EXTRACTED DATA =>
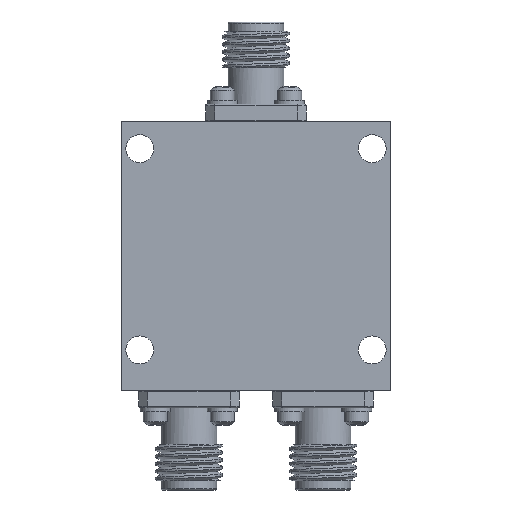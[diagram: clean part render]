
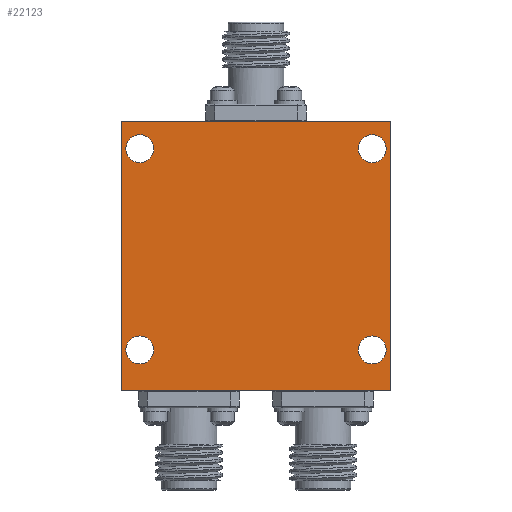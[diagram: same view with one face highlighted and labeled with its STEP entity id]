
A CAD part, front view. The second image highlights one B-rep face of the part: STEP entity #22123.
In plain terms, the highlighted planar face has unit normal (0, -1, 0).
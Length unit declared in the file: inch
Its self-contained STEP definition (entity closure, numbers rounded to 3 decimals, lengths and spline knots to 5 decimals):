
#148 = CARTESIAN_POINT ( 'NONE',  ( 0.433, -0.4, 0.452 ) ) ;
#260 = DIRECTION ( 'NONE',  ( 0., 1., 0. ) ) ;
#660 = EDGE_LOOP ( 'NONE', ( #15347 ) ) ;
#910 = DIRECTION ( 'NONE',  ( 0., 1., 0. ) ) ;
#1112 = AXIS2_PLACEMENT_3D ( 'NONE', #21251, #260, #50837 ) ;
#2574 = CARTESIAN_POINT ( 'NONE',  ( 0.5, -0.4, -0.5 ) ) ;
#2629 = CARTESIAN_POINT ( 'NONE',  ( -0.5, -0.4, -0.5 ) ) ;
#3090 = CARTESIAN_POINT ( 'NONE',  ( 0.433, -0.4, 0.4 ) ) ;
#3123 = VERTEX_POINT ( 'NONE', #45137 ) ;
#4041 = CARTESIAN_POINT ( 'NONE',  ( 0.5, -0.4, -0.5 ) ) ;
#4315 = VERTEX_POINT ( 'NONE', #4920 ) ;
#4562 = VERTEX_POINT ( 'NONE', #17590 ) ;
#4920 = CARTESIAN_POINT ( 'NONE',  ( -0.5, -0.4, -0.5 ) ) ;
#5543 = CIRCLE ( 'NONE', #1112, 0.052 ) ;
#5811 = ORIENTED_EDGE ( 'NONE', *, *, #50692, .F. ) ;
#7001 = VERTEX_POINT ( 'NONE', #4041 ) ;
#7903 = AXIS2_PLACEMENT_3D ( 'NONE', #30498, #25506, #42377 ) ;
#8178 = FACE_BOUND ( 'NONE', #660, .T. ) ;
#8517 = CARTESIAN_POINT ( 'NONE',  ( -0.5, -0.4, 0.5 ) ) ;
#8851 = AXIS2_PLACEMENT_3D ( 'NONE', #18873, #910, #22170 ) ;
#10196 = VECTOR ( 'NONE', #50335, 39.37008 ) ;
#11474 = VERTEX_POINT ( 'NONE', #29904 ) ;
#11714 = DIRECTION ( 'NONE',  ( 0., 1., 0. ) ) ;
#11766 = ORIENTED_EDGE ( 'NONE', *, *, #33326, .T. ) ;
#12929 = ORIENTED_EDGE ( 'NONE', *, *, #14883, .F. ) ;
#13929 = VERTEX_POINT ( 'NONE', #21333 ) ;
#14883 = EDGE_CURVE ( 'NONE', #4315, #32310, #37919, .T. ) ;
#15347 = ORIENTED_EDGE ( 'NONE', *, *, #24242, .T. ) ;
#15865 = EDGE_CURVE ( 'NONE', #32310, #13929, #24589, .T. ) ;
#16764 = FACE_BOUND ( 'NONE', #53323, .T. ) ;
#17464 = EDGE_CURVE ( 'NONE', #4562, #4562, #45339, .T. ) ;
#17590 = CARTESIAN_POINT ( 'NONE',  ( -0.433, -0.4, 0.452 ) ) ;
#18873 = CARTESIAN_POINT ( 'NONE',  ( -0.433, -0.4, -0.35 ) ) ;
#18986 = VECTOR ( 'NONE', #38457, 39.37008 ) ;
#19146 = CIRCLE ( 'NONE', #20014, 0.052 ) ;
#19190 = DIRECTION ( 'NONE',  ( 0., 1., 0. ) ) ;
#19589 = ORIENTED_EDGE ( 'NONE', *, *, #15865, .F. ) ;
#20014 = AXIS2_PLACEMENT_3D ( 'NONE', #3090, #11714, #40671 ) ;
#20280 = CIRCLE ( 'NONE', #8851, 0.052 ) ;
#21251 = CARTESIAN_POINT ( 'NONE',  ( 0.433, -0.4, -0.35 ) ) ;
#21333 = CARTESIAN_POINT ( 'NONE',  ( 0.5, -0.4, 0.5 ) ) ;
#22123 = ADVANCED_FACE ( 'NONE', ( #28877, #8178, #54540, #16764, #23879 ), #49359, .F. ) ;
#22170 = DIRECTION ( 'NONE',  ( 0., 0., 1. ) ) ;
#22875 = CARTESIAN_POINT ( 'NONE',  ( -0.5, -0.4, -0.5 ) ) ;
#23879 = FACE_OUTER_BOUND ( 'NONE', #36630, .T. ) ;
#24242 = EDGE_CURVE ( 'NONE', #37998, #37998, #19146, .T. ) ;
#24589 = LINE ( 'NONE', #33473, #10196 ) ;
#25506 = DIRECTION ( 'NONE',  ( 0., 1., 0. ) ) ;
#25946 = ORIENTED_EDGE ( 'NONE', *, *, #37736, .T. ) ;
#26973 = EDGE_CURVE ( 'NONE', #13929, #7001, #27714, .T. ) ;
#27222 = DIRECTION ( 'NONE',  ( -1., 0., 0. ) ) ;
#27714 = LINE ( 'NONE', #2574, #37931 ) ;
#28456 = ORIENTED_EDGE ( 'NONE', *, *, #26973, .F. ) ;
#28877 = FACE_BOUND ( 'NONE', #40190, .T. ) ;
#29904 = CARTESIAN_POINT ( 'NONE',  ( -0.433, -0.4, -0.298 ) ) ;
#30498 = CARTESIAN_POINT ( 'NONE',  ( 0., -0.4, 0. ) ) ;
#32310 = VERTEX_POINT ( 'NONE', #8517 ) ;
#33326 = EDGE_CURVE ( 'NONE', #3123, #3123, #5543, .T. ) ;
#33473 = CARTESIAN_POINT ( 'NONE',  ( -0.5, -0.4, 0.5 ) ) ;
#36359 = LINE ( 'NONE', #2629, #40368 ) ;
#36630 = EDGE_LOOP ( 'NONE', ( #12929, #5811, #28456, #19589 ) ) ;
#37736 = EDGE_CURVE ( 'NONE', #11474, #11474, #20280, .T. ) ;
#37919 = LINE ( 'NONE', #22875, #18986 ) ;
#37931 = VECTOR ( 'NONE', #52602, 39.37008 ) ;
#37998 = VERTEX_POINT ( 'NONE', #148 ) ;
#38457 = DIRECTION ( 'NONE',  ( 0., 0., 1. ) ) ;
#39425 = ORIENTED_EDGE ( 'NONE', *, *, #17464, .T. ) ;
#39894 = DIRECTION ( 'NONE',  ( 0., 0., 1. ) ) ;
#40030 = AXIS2_PLACEMENT_3D ( 'NONE', #44300, #19190, #39894 ) ;
#40190 = EDGE_LOOP ( 'NONE', ( #39425 ) ) ;
#40368 = VECTOR ( 'NONE', #27222, 39.37008 ) ;
#40671 = DIRECTION ( 'NONE',  ( 0., 0., 1. ) ) ;
#42377 = DIRECTION ( 'NONE',  ( 0., 0., 1. ) ) ;
#44300 = CARTESIAN_POINT ( 'NONE',  ( -0.433, -0.4, 0.4 ) ) ;
#45137 = CARTESIAN_POINT ( 'NONE',  ( 0.433, -0.4, -0.298 ) ) ;
#45339 = CIRCLE ( 'NONE', #40030, 0.052 ) ;
#48915 = EDGE_LOOP ( 'NONE', ( #11766 ) ) ;
#49359 = PLANE ( 'NONE',  #7903 ) ;
#50335 = DIRECTION ( 'NONE',  ( 1., 0., 0. ) ) ;
#50692 = EDGE_CURVE ( 'NONE', #7001, #4315, #36359, .T. ) ;
#50837 = DIRECTION ( 'NONE',  ( 0., 0., 1. ) ) ;
#52602 = DIRECTION ( 'NONE',  ( 0., 0., -1. ) ) ;
#53323 = EDGE_LOOP ( 'NONE', ( #25946 ) ) ;
#54540 = FACE_BOUND ( 'NONE', #48915, .T. ) ;

PROBLEM TO WORK ON =>
Omitting the pictures, copy each record above exactly as it stands.

REPLY TO THE EXERCISE =>
[diagram: clean part render]
[diagram: same view with one face highlighted and labeled with its STEP entity id]
A CAD part, front view. The second image highlights one B-rep face of the part: STEP entity #22123.
In plain terms, the highlighted planar face has unit normal (0, -1, 0).
Length unit declared in the file: inch
Its self-contained STEP definition (entity closure, numbers rounded to 3 decimals, lengths and spline knots to 5 decimals):
#148 = CARTESIAN_POINT ( 'NONE',  ( 0.433, -0.4, 0.452 ) ) ;
#260 = DIRECTION ( 'NONE',  ( 0., 1., 0. ) ) ;
#660 = EDGE_LOOP ( 'NONE', ( #15347 ) ) ;
#910 = DIRECTION ( 'NONE',  ( 0., 1., 0. ) ) ;
#1112 = AXIS2_PLACEMENT_3D ( 'NONE', #21251, #260, #50837 ) ;
#2574 = CARTESIAN_POINT ( 'NONE',  ( 0.5, -0.4, -0.5 ) ) ;
#2629 = CARTESIAN_POINT ( 'NONE',  ( -0.5, -0.4, -0.5 ) ) ;
#3090 = CARTESIAN_POINT ( 'NONE',  ( 0.433, -0.4, 0.4 ) ) ;
#3123 = VERTEX_POINT ( 'NONE', #45137 ) ;
#4041 = CARTESIAN_POINT ( 'NONE',  ( 0.5, -0.4, -0.5 ) ) ;
#4315 = VERTEX_POINT ( 'NONE', #4920 ) ;
#4562 = VERTEX_POINT ( 'NONE', #17590 ) ;
#4920 = CARTESIAN_POINT ( 'NONE',  ( -0.5, -0.4, -0.5 ) ) ;
#5543 = CIRCLE ( 'NONE', #1112, 0.052 ) ;
#5811 = ORIENTED_EDGE ( 'NONE', *, *, #50692, .F. ) ;
#7001 = VERTEX_POINT ( 'NONE', #4041 ) ;
#7903 = AXIS2_PLACEMENT_3D ( 'NONE', #30498, #25506, #42377 ) ;
#8178 = FACE_BOUND ( 'NONE', #660, .T. ) ;
#8517 = CARTESIAN_POINT ( 'NONE',  ( -0.5, -0.4, 0.5 ) ) ;
#8851 = AXIS2_PLACEMENT_3D ( 'NONE', #18873, #910, #22170 ) ;
#10196 = VECTOR ( 'NONE', #50335, 39.37008 ) ;
#11474 = VERTEX_POINT ( 'NONE', #29904 ) ;
#11714 = DIRECTION ( 'NONE',  ( 0., 1., 0. ) ) ;
#11766 = ORIENTED_EDGE ( 'NONE', *, *, #33326, .T. ) ;
#12929 = ORIENTED_EDGE ( 'NONE', *, *, #14883, .F. ) ;
#13929 = VERTEX_POINT ( 'NONE', #21333 ) ;
#14883 = EDGE_CURVE ( 'NONE', #4315, #32310, #37919, .T. ) ;
#15347 = ORIENTED_EDGE ( 'NONE', *, *, #24242, .T. ) ;
#15865 = EDGE_CURVE ( 'NONE', #32310, #13929, #24589, .T. ) ;
#16764 = FACE_BOUND ( 'NONE', #53323, .T. ) ;
#17464 = EDGE_CURVE ( 'NONE', #4562, #4562, #45339, .T. ) ;
#17590 = CARTESIAN_POINT ( 'NONE',  ( -0.433, -0.4, 0.452 ) ) ;
#18873 = CARTESIAN_POINT ( 'NONE',  ( -0.433, -0.4, -0.35 ) ) ;
#18986 = VECTOR ( 'NONE', #38457, 39.37008 ) ;
#19146 = CIRCLE ( 'NONE', #20014, 0.052 ) ;
#19190 = DIRECTION ( 'NONE',  ( 0., 1., 0. ) ) ;
#19589 = ORIENTED_EDGE ( 'NONE', *, *, #15865, .F. ) ;
#20014 = AXIS2_PLACEMENT_3D ( 'NONE', #3090, #11714, #40671 ) ;
#20280 = CIRCLE ( 'NONE', #8851, 0.052 ) ;
#21251 = CARTESIAN_POINT ( 'NONE',  ( 0.433, -0.4, -0.35 ) ) ;
#21333 = CARTESIAN_POINT ( 'NONE',  ( 0.5, -0.4, 0.5 ) ) ;
#22123 = ADVANCED_FACE ( 'NONE', ( #28877, #8178, #54540, #16764, #23879 ), #49359, .F. ) ;
#22170 = DIRECTION ( 'NONE',  ( 0., 0., 1. ) ) ;
#22875 = CARTESIAN_POINT ( 'NONE',  ( -0.5, -0.4, -0.5 ) ) ;
#23879 = FACE_OUTER_BOUND ( 'NONE', #36630, .T. ) ;
#24242 = EDGE_CURVE ( 'NONE', #37998, #37998, #19146, .T. ) ;
#24589 = LINE ( 'NONE', #33473, #10196 ) ;
#25506 = DIRECTION ( 'NONE',  ( 0., 1., 0. ) ) ;
#25946 = ORIENTED_EDGE ( 'NONE', *, *, #37736, .T. ) ;
#26973 = EDGE_CURVE ( 'NONE', #13929, #7001, #27714, .T. ) ;
#27222 = DIRECTION ( 'NONE',  ( -1., 0., 0. ) ) ;
#27714 = LINE ( 'NONE', #2574, #37931 ) ;
#28456 = ORIENTED_EDGE ( 'NONE', *, *, #26973, .F. ) ;
#28877 = FACE_BOUND ( 'NONE', #40190, .T. ) ;
#29904 = CARTESIAN_POINT ( 'NONE',  ( -0.433, -0.4, -0.298 ) ) ;
#30498 = CARTESIAN_POINT ( 'NONE',  ( 0., -0.4, 0. ) ) ;
#32310 = VERTEX_POINT ( 'NONE', #8517 ) ;
#33326 = EDGE_CURVE ( 'NONE', #3123, #3123, #5543, .T. ) ;
#33473 = CARTESIAN_POINT ( 'NONE',  ( -0.5, -0.4, 0.5 ) ) ;
#36359 = LINE ( 'NONE', #2629, #40368 ) ;
#36630 = EDGE_LOOP ( 'NONE', ( #12929, #5811, #28456, #19589 ) ) ;
#37736 = EDGE_CURVE ( 'NONE', #11474, #11474, #20280, .T. ) ;
#37919 = LINE ( 'NONE', #22875, #18986 ) ;
#37931 = VECTOR ( 'NONE', #52602, 39.37008 ) ;
#37998 = VERTEX_POINT ( 'NONE', #148 ) ;
#38457 = DIRECTION ( 'NONE',  ( 0., 0., 1. ) ) ;
#39425 = ORIENTED_EDGE ( 'NONE', *, *, #17464, .T. ) ;
#39894 = DIRECTION ( 'NONE',  ( 0., 0., 1. ) ) ;
#40030 = AXIS2_PLACEMENT_3D ( 'NONE', #44300, #19190, #39894 ) ;
#40190 = EDGE_LOOP ( 'NONE', ( #39425 ) ) ;
#40368 = VECTOR ( 'NONE', #27222, 39.37008 ) ;
#40671 = DIRECTION ( 'NONE',  ( 0., 0., 1. ) ) ;
#42377 = DIRECTION ( 'NONE',  ( 0., 0., 1. ) ) ;
#44300 = CARTESIAN_POINT ( 'NONE',  ( -0.433, -0.4, 0.4 ) ) ;
#45137 = CARTESIAN_POINT ( 'NONE',  ( 0.433, -0.4, -0.298 ) ) ;
#45339 = CIRCLE ( 'NONE', #40030, 0.052 ) ;
#48915 = EDGE_LOOP ( 'NONE', ( #11766 ) ) ;
#49359 = PLANE ( 'NONE',  #7903 ) ;
#50335 = DIRECTION ( 'NONE',  ( 1., 0., 0. ) ) ;
#50692 = EDGE_CURVE ( 'NONE', #7001, #4315, #36359, .T. ) ;
#50837 = DIRECTION ( 'NONE',  ( 0., 0., 1. ) ) ;
#52602 = DIRECTION ( 'NONE',  ( 0., 0., -1. ) ) ;
#53323 = EDGE_LOOP ( 'NONE', ( #25946 ) ) ;
#54540 = FACE_BOUND ( 'NONE', #48915, .T. ) ;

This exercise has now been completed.